### Exercise materials

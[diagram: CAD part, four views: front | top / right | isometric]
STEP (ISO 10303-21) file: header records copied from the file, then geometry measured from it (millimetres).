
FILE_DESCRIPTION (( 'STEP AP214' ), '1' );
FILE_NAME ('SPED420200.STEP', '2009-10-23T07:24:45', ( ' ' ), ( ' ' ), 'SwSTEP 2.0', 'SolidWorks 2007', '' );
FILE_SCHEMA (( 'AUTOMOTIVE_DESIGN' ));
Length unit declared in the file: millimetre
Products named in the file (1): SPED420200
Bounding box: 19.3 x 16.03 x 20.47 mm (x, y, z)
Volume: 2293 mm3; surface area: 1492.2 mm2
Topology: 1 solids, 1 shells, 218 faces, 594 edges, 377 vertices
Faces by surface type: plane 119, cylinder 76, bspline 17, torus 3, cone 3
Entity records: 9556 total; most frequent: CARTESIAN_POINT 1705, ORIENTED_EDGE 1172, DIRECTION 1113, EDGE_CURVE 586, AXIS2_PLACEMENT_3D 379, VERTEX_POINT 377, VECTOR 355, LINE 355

######

:: Instructions to follow ::
Line by line, transcribe the data exactly.

:: Exercise answer ::
[diagram: CAD part, four views: front | top / right | isometric]
STEP (ISO 10303-21) file: header records copied from the file, then geometry measured from it (millimetres).
FILE_DESCRIPTION (( 'STEP AP214' ), '1' );
FILE_NAME ('SPED420200.STEP', '2009-10-23T07:24:45', ( ' ' ), ( ' ' ), 'SwSTEP 2.0', 'SolidWorks 2007', '' );
FILE_SCHEMA (( 'AUTOMOTIVE_DESIGN' ));
Length unit declared in the file: millimetre
Products named in the file (1): SPED420200
Bounding box: 19.3 x 16.03 x 20.47 mm (x, y, z)
Volume: 2293 mm3; surface area: 1492.2 mm2
Topology: 1 solids, 1 shells, 218 faces, 594 edges, 377 vertices
Faces by surface type: plane 119, cylinder 76, bspline 17, torus 3, cone 3
Entity records: 9556 total; most frequent: CARTESIAN_POINT 1705, ORIENTED_EDGE 1172, DIRECTION 1113, EDGE_CURVE 586, AXIS2_PLACEMENT_3D 379, VERTEX_POINT 377, VECTOR 355, LINE 355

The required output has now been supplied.